Да, дедушка у меня был красивый, это уж точно, я помню. Я представил его в военно-морской форме — наверное, был такой же красавец, как Славик Горбенко, не хуже.

— Ну, и как он, отбился? — пошутил я.

— Он не отбивался. Он никогда не воевал с женщинами, — серьезно ответил папа.

Мой дед умер в тот год, когда я загорал в Мордовлаге.

До этого он почти год не ходил. Отец так и не решился сказать ему, где я на самом деле, врал, будто меня призвали в армию, дали офицерское звание, будто служу в хорошем спокойном месте на космодроме «Плисецк». Там много ягод, грибов, рыбы в озерах и боровой дичи.
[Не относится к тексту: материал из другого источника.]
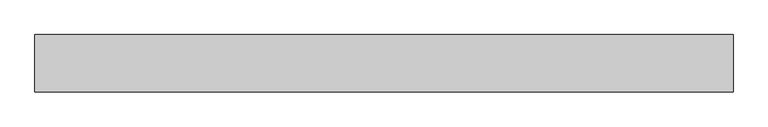
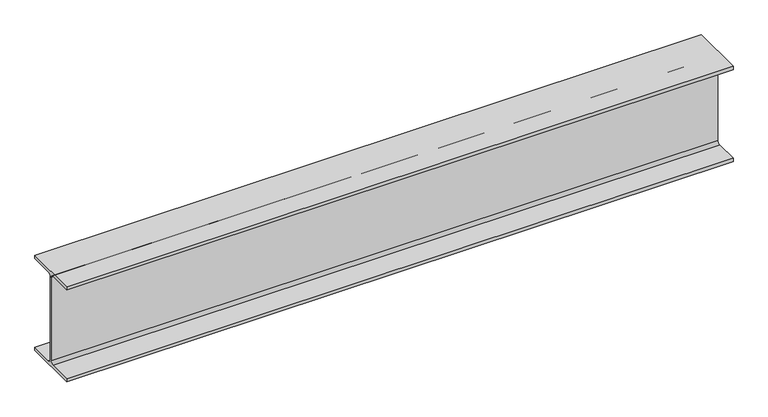
"""IFC4 building model written with IfcOpenShell, lengths in millimetres: beam geometry, Old_Steel Beam_H-KSD3502 : H_SB_ASB_H-194×150x6x9."""

from ifc_helpers import new_model, si_unit, point, frame, frame_2d, origin, place, context, project, spatial, polyline, circle_curve, trimmed, segment, composite_curve, outline, extrude, source, transform, mapped, element, save


def beam_bab581fe(model_context):
    return source(origin(), model_context, "Body", "SweptSolid", [
        extrude(outline(composite_curve([segment(polyline([(-82.5, -141.5), (-11.9, -141.5)]), True, "CONTINUOUS"), segment(trimmed(circle_curve(frame_2d((-11.9, -132.6)), 8.9), [point((-11.9, -141.5))], [point((-3.0, -132.6))], True, "CARTESIAN"), True, "CONTINUOUS"), segment(polyline([(-3.0, -132.6), (-3.0, 132.6)]), True, "CONTINUOUS"), segment(trimmed(circle_curve(frame_2d((-11.9, 132.6)), 8.9), [point((-3.0, 132.6))], [point((-11.9, 141.5))], True, "CARTESIAN"), True, "CONTINUOUS"), segment(polyline([(-11.9, 141.5), (-82.5, 141.5), (-82.5, 151.7), (82.5, 151.7), (82.5, 141.5), (11.9, 141.5)]), True, "CONTINUOUS"), segment(trimmed(circle_curve(frame_2d((11.9, 132.6)), 8.9), [point((11.9, 141.5))], [point((3.0, 132.6))], True, "CARTESIAN"), True, "CONTINUOUS"), segment(polyline([(3.0, 132.6), (3.0, -132.6)]), True, "CONTINUOUS"), segment(trimmed(circle_curve(frame_2d((11.9, -132.6)), 8.9), [point((3.0, -132.6))], [point((11.9, -141.5))], True, "CARTESIAN"), True, "CONTINUOUS"), segment(polyline([(11.9, -141.5), (82.5, -141.5), (82.5, -151.7), (-82.5, -151.7), (-82.5, -141.5)]), True, "CONTINUOUS")], self_intersect=False)), frame((-1117.4837616, 0.0, 0.0), z_axis=(1.0, 0.0, 0.0), x_axis=(0.0, 1.0, 0.0)), (0.0, 0.0, 1.0), 2006.3303739),
    ])


if __name__ == "__main__":
    model = new_model("IFC4")
    model_context = context("Model", 3, world=origin())
    ifc_project = project(units=[si_unit("LENGTHUNIT", "METRE", prefix="MILLI")], contexts=[model_context])
    site = spatial("IfcSite", under=ifc_project)
    building = spatial("IfcBuilding", under=site)
    placement = place(None, origin())
    beam_shape = beam_bab581fe(model_context)
    element("IfcBeam", 1, ObjectType="Old_Steel Beam_H-KSD3502 : H_SB_ASB_H-194×150x6x9", at=placement, inside=building, context=model_context, shape_type="MappedRepresentation", body=[
        mapped(beam_shape, transform((0.0, 0.0, 0.0), x_axis=(1.0, 0.0, 0.0), y_axis=(0.0, 1.0, 0.0), z_axis=(0.0, 0.0, 1.0))),
    ])
    save(model, "model.ifc")

# Revit data of these elements
# Type "Old_Steel Beam_H-KSD3502 : H_SB_ASB_H-194×150x6x9"
#   Width = 15.0 cm
#   Web Thickness = 0.6 cm
#   Web Fillet = 1.3 cm
#   Warping Constant = 43316.0 cm⁶
#   Torsional Moment of Inertia = 8.622 cm⁴
#   Torsional Modulus = 1.0 cm³
#   Section Area = 39.01 cm²
#   Plastic Modulus weak axis = 104.0 cm³
#   Plastic Modulus strong axis = 309.0 cm³
#   Perimeter = 0.95 m²/m
#   Nominal Weight = 30.60 kgf/m
#   Moment of Inertia weak axis = 507.00 cm⁴
#   Moment of Inertia strong axis = 2690.00 cm⁴
#   Height = 19.4 cm
#   Flange Thickness = 0.9 cm
#   Elastic Modulus weak axis = 67.6 cm³
#   Elastic Modulus strong axis = 277.0 cm³
#   Centroid Vertical = 9.7 cm
#   Centroid Horizontal = 7.5 cm
#   Length [instance default] = 1.5240 m
#   Structural Material [instance default] = Steel, 45-345
#   Assembly Code = ""
# Element 1 (IfcBeam, "Old_Steel Beam_H-KSD3502 : H_SB_ASB_H-194×150x6x9")
#   Structural Material = none
# Materials
#   "Steel, 45-345": class "Metal", colour RGB 189 187 185, transparency 0, Description = "Steel 345 MPa", Cost = 0
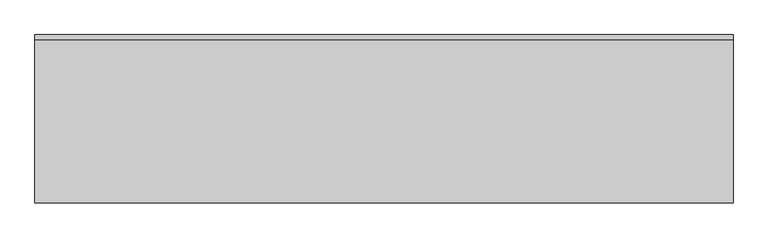
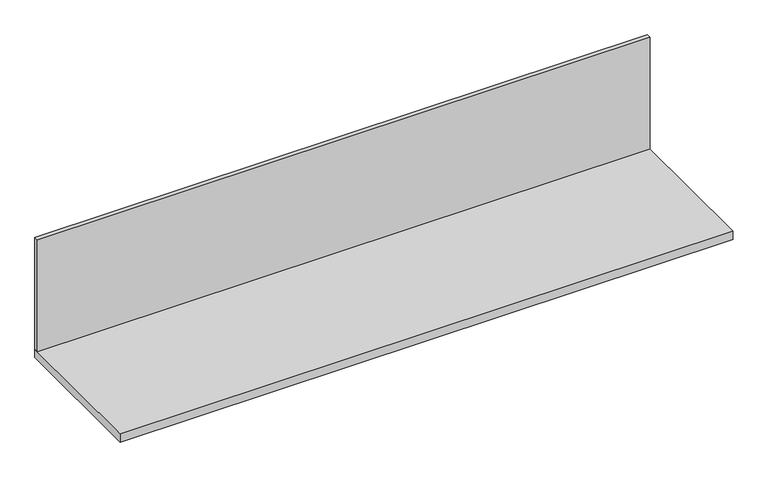
"""IFC4 building model written with IfcOpenShell, lengths in millimetres: furniture geometry, Countertop with Full Backsplash-NON-COLLECTUS : -."""

from ifc_helpers import new_model, si_unit, frame, origin, origin_with_axes, place, context, project, spatial, polyline, outline, extrude, source, transform, mapped, element, save


def furniture_2b8d4a82(model_context):
    return source(origin(), model_context, "Body", "SweptSolid", [
        extrude(outline(polyline([(-1200.4622951, 0.0), (1435.9224321, 0.0), (1435.9224321, -19.05), (-1200.4622951, -19.05), (-1200.4622951, 0.0)])), frame((0.0, 0.0, 38.1), z_axis=(0.0, 0.0, 1.0), x_axis=(1.0, 0.0, 0.0)), (0.0, 0.0, 1.0), 507.5989086),
        extrude(outline(polyline([(1435.9224321, 0.0), (1435.9224321, -634.99873), (-1200.4622951, -634.99873), (-1200.4622951, 0.0), (1435.9224321, 0.0)])), origin_with_axes(), (0.0, 0.0, 1.0), 38.1),
    ])


if __name__ == "__main__":
    model = new_model("IFC4")
    model_context = context("Model", 3, world=origin())
    ifc_project = project(units=[si_unit("LENGTHUNIT", "METRE", prefix="MILLI")], contexts=[model_context])
    site = spatial("IfcSite", under=ifc_project)
    building = spatial("IfcBuilding", under=site)
    placement = place(None, origin())
    furniture_shape = furniture_2b8d4a82(model_context)
    element("IfcFurniture", 1, ObjectType="Countertop with Full Backsplash-NON-COLLECTUS : -", at=placement, inside=building, context=model_context, shape_type="MappedRepresentation", body=[
        mapped(furniture_shape, transform((0.0, 0.0, 0.0), x_axis=(1.0, 0.0, 0.0), y_axis=(0.0, 1.0, 0.0), z_axis=(0.0, 0.0, 1.0))),
    ])
    save(model, "model.ifc")

# Revit data of these elements
# Type "Countertop with Full Backsplash-NON-COLLECTUS : -"
#   External ID [instance default] = ""
#   Width Reporting [instance default] = 1524 mm
#   Width [instance default] = 1524 mm
#   Height Reporting [instance default] = 546.1 mm
#   Depth Reporting [instance default] = 635 mm
#   Depth [instance default] = 635 mm
#   Height [instance default] = 546.1 mm
#   Backsplash = yes
#   Material = White
#   Default Elevation = 0
#   Assembly Code = ""
# Element 1 (IfcFurniture, "Countertop with Full Backsplash-NON-COLLECTUS : -")
#   Width Reporting = 2636.385 mm
#   Width = 2636.385 mm
#   Height Reporting = 545.699 mm
#   Depth Reporting = 634.999 mm
#   Depth = 634.999 mm
#   Height = 545.699 mm
#   Materials on its faces: "White"
# Materials
#   "White": class "Generic", colour RGB 255 255 255, transparency 0, Cost = 0
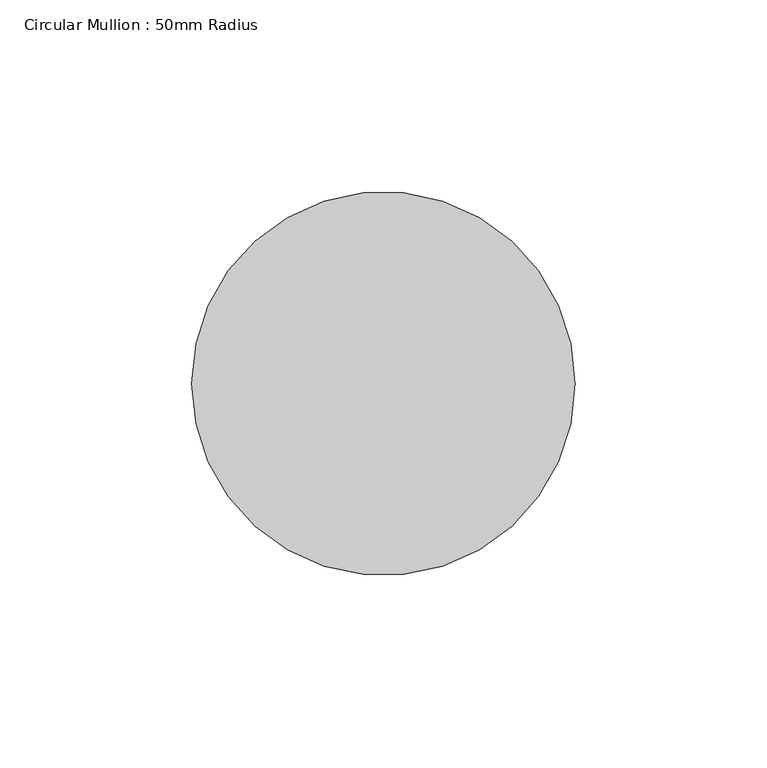
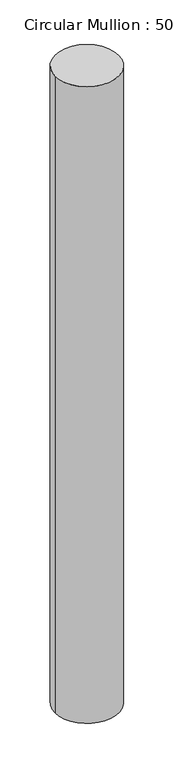
"""IFC4 building model written with IfcOpenShell, lengths in millimetres: member geometry, Circular Mullion : 50mm Radius."""

from ifc_helpers import new_model, si_unit, point, frame, origin, origin_2d, place, context, project, spatial, circle_curve, trimmed, segment, composite_curve, outline, extrude, source, transform, mapped, element, save


def circular_mullion_50mm_radius_5bc55f0f(model_context):
    return source(origin(), model_context, "Body", "SweptSolid", [
        extrude(outline(composite_curve([segment(trimmed(circle_curve(origin_2d(), 50.0), [point((50.0, 0.0))], [point((-50.0, 0.0))], False, "CARTESIAN"), True, "CONTINUOUS"), segment(trimmed(circle_curve(origin_2d(), 50.0), [point((-50.0, 0.0))], [point((50.0, 0.0))], False, "CARTESIAN"), True, "CONTINUOUS")], self_intersect=False)), frame((0.0, 0.0, -1055.9001031), z_axis=(0.0, 0.0, 1.0), x_axis=(1.0, 0.0, 0.0)), (0.0, 0.0, 1.0), 1055.9001031),
    ])


if __name__ == "__main__":
    model = new_model("IFC4")
    model_context = context("Model", 3, world=origin())
    ifc_project = project(units=[si_unit("LENGTHUNIT", "METRE", prefix="MILLI")], contexts=[model_context])
    site = spatial("IfcSite", under=ifc_project)
    building = spatial("IfcBuilding", under=site)
    placement = place(None, origin())
    circular_mullion_50mm_radius_shape = circular_mullion_50mm_radius_5bc55f0f(model_context)
    element("IfcMember", 1, ObjectType="Circular Mullion : 50mm Radius", at=placement, inside=building, context=model_context, shape_type="MappedRepresentation", body=[
        mapped(circular_mullion_50mm_radius_shape, transform((0.0, 0.0, 0.0), x_axis=(1.0, 0.0, 0.0), y_axis=(0.0, 1.0, 0.0), z_axis=(0.0, 0.0, 1.0))),
    ])
    save(model, "model.ifc")

# Revit data of these elements
# Type "Circular Mullion : 50mm Radius"
#   built-in parameter 1007350 = 0.164042 (stored number, unit not read)
# Element 1 (IfcMember, "Circular Mullion : 50mm Radius")
#   Materials on its faces: "Aluminium"
# Materials
#   "Aluminium": class "Metal", colour RGB 247 247 247, transparency 0, Description = "Aluminium 6061", Cost = 0
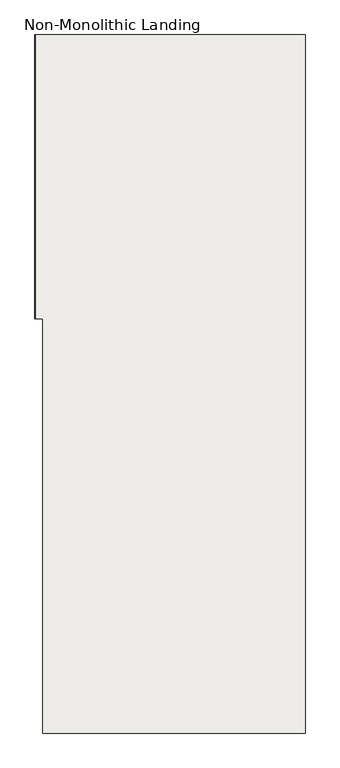
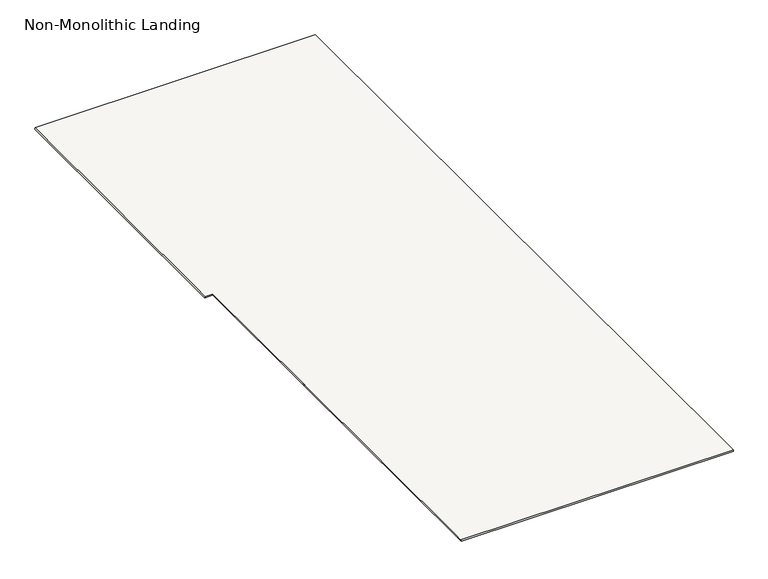
"""IFC4 building model written with IfcOpenShell, lengths in millimetres: slab geometry, Non-Monolithic Landing."""

from ifc_helpers import new_model, si_unit, origin, place, context, project, spatial, faceted_brep, source, transform, mapped, element, save


def non_monolithic_landing_c230c3b8(model_context):
    return source(origin(), model_context, "Body", "Brep", [
        faceted_brep([(16318.9400908, 13220.4345331, 26352.9411765), (16318.0900908, 13220.4345331, 26346.9411765), (16318.0900908, 12030.4345331, 26346.9411765), (16318.9400908, 12030.4345331, 26352.9411765), (16350.0, 10295.4345331, 26352.9411765), (17450.0, 10295.4345331, 26352.9411765), (17450.0, 13220.4345331, 26352.9411765), (16350.0, 13220.4345331, 26352.9411765), (16350.0, 12030.4345331, 26352.9411765), (16350.0, 11395.4345331, 26352.9411765), (17450.0, 13220.4345331, 26346.9411765), (17450.0, 10295.4345331, 26346.9411765), (16350.85, 10295.4345331, 26346.9411765), (16350.85, 11395.4345331, 26346.9411765), (16350.0, 11395.4345331, 26346.9411765), (16350.0, 12030.4345331, 26346.9411765), (16350.0, 13220.4345331, 26346.9411765)], [[[0, 1, 2, 3]], [[4, 5, 6, 7, 0, 3, 8, 9]], [[10, 11, 12, 13, 14, 15, 2, 1, 16]], [[9, 8, 15, 14]], [[0, 7, 16, 1]], [[7, 6, 10, 16]], [[6, 5, 11, 10]], [[5, 4, 12, 11]], [[13, 9, 14]], [[9, 13, 12, 4]], [[8, 3, 2, 15]]]),
    ])


if __name__ == "__main__":
    model = new_model("IFC4")
    model_context = context("Model", 3, world=origin())
    ifc_project = project(units=[si_unit("LENGTHUNIT", "METRE", prefix="MILLI")], contexts=[model_context])
    site = spatial("IfcSite", under=ifc_project)
    building = spatial("IfcBuilding", under=site)
    placement = place(None, origin())
    non_monolithic_landing_shape = non_monolithic_landing_c230c3b8(model_context)
    element("IfcSlab", 1, ObjectType="Non-Monolithic Landing", at=placement, inside=building, context=model_context, shape_type="MappedRepresentation", body=[
        mapped(non_monolithic_landing_shape, transform((0.0, 0.0, 0.0), x_axis=(1.0, 0.0, 0.0), y_axis=(0.0, 1.0, 0.0), z_axis=(0.0, 0.0, 1.0))),
    ])
    save(model, "model.ifc")

# Revit data of these elements
# Element 1 (IfcSlab, "Non-Monolithic Landing")
#   Materials on its faces: "Steel, Paint Finish, Dark Gray"
# Materials
#   "Steel, Paint Finish, Dark Gray": class "Metal", colour RGB 89 89 89, transparency 0, Description = "Steel, paint finish, dark gray, glossy", Cost = 0

А командиром космодрома, помнишь, товарищ был у меня по факультету, небольшого такого росточка, по фамилии Боксер, он после университета пошел в армию и теперь уже генерал…

Дед радовался за меня, улыбался и тихо шептал: «хорошо…» Он закрывал глаза и видел меня таким же, каким был сам в мои годы: веселым, белозубым, красивым, в великолепной форме морского офицера. И чудилось ему в этот последний миг, что жизнь прожита не зря, пусть эта странная перестройка, которая почему-то привела к плохому, но была война, в которой они победили. Есть внук, который пошел по его стопам.

В этом счастливом бреду погибшие в той войне друзья приходили к нему, он называл их по именам, жал крепкие молодые руки, и я был среди них, такой же сильный и молодой морской офицер, как они, и дедушке было хорошо среди нас, он не хотел возвращаться в сознание, не хотел больше жить среди чужих на чужой земле.

Я знаю ту ночь и то утро, когда умирал этот любимый мною больше всего на свете старик — в 4.30 утра 22 мая 1995 года его фигура взгромоздилась на свободной шконке на третьем ярусе в нашем бараке и трое суток, куда бы я ни пошел, не понимая, смотрела на меня дедушкиными лазоревыми глазами.

Говорят, что три первых дня умерший навещает те места, где ему было особенно хорошо… лучшего места у моего дедушки, чем в моем бараке на моей зоне, видимо, не нашлось… Молился он за меня или же проклинал, как прокляла меня мама, я так и не сумел понять по его испуганным грустным глазам.

Зная деда, думаю, что молился — сколько ни помню себя, он всегда всем желал только добра. И всегда всем помогал. Даже когда в 80 с лишним лет его пригласили работать комендантом разворованного рабочего общежития, он только и делал, что помогал тем, у кого не было дома или кто его потерял — уже наступило время, когда появились в России первые беженцы из ближнего зарубежья. Не случайно он умер в пасхальные дни, у православных это дар Божий: сорок дней после Пасхи врата рая широко открыты, кто умер в эти дни — избраны, они вознесутся на небо вместе с Иисусом Христом. Когда я узнал об этом у нашего тюремного батюшки, мне стало так хорошо, будто я оказался на воле.

Я стоял у заброшенного и заросшего багульником здания Пресноозерской школы и думал, как было бы хорошо, если бы оказалась верной теория астронома Козырева о плотности времени или хроноальная теория Вейника. Тогда можно было бы устроить так: мы с Полиной преподаем в этой школе и нам по 24 года, мой папа учится здесь в девятом классе, ему 15 лет и 7 месяцев, он счастлив, оттого что его здесь не дразнят и он оказывается совсем не урод, не каланча, не фитиль, а просто высокий… а деду было бы 47 лет, он был бы молодым, здоровым, белозубым и ясноглазым командующим базового района — и пусть бы это было всегда… это и было бы нашим счастьем.

И взошло солнце.

И потом опять село.

И все это уже было и опять будет.

И были люди, которые были соль земли. И были те, которые тлен.

И был огонь, который уничтожил Содом и Гоморру, потому что люди их погрязли в разврате, тоже уже был.

И было то, что уничтожило Вавилонскую башню.

И был Всемирный Потоп, который очистил Землю.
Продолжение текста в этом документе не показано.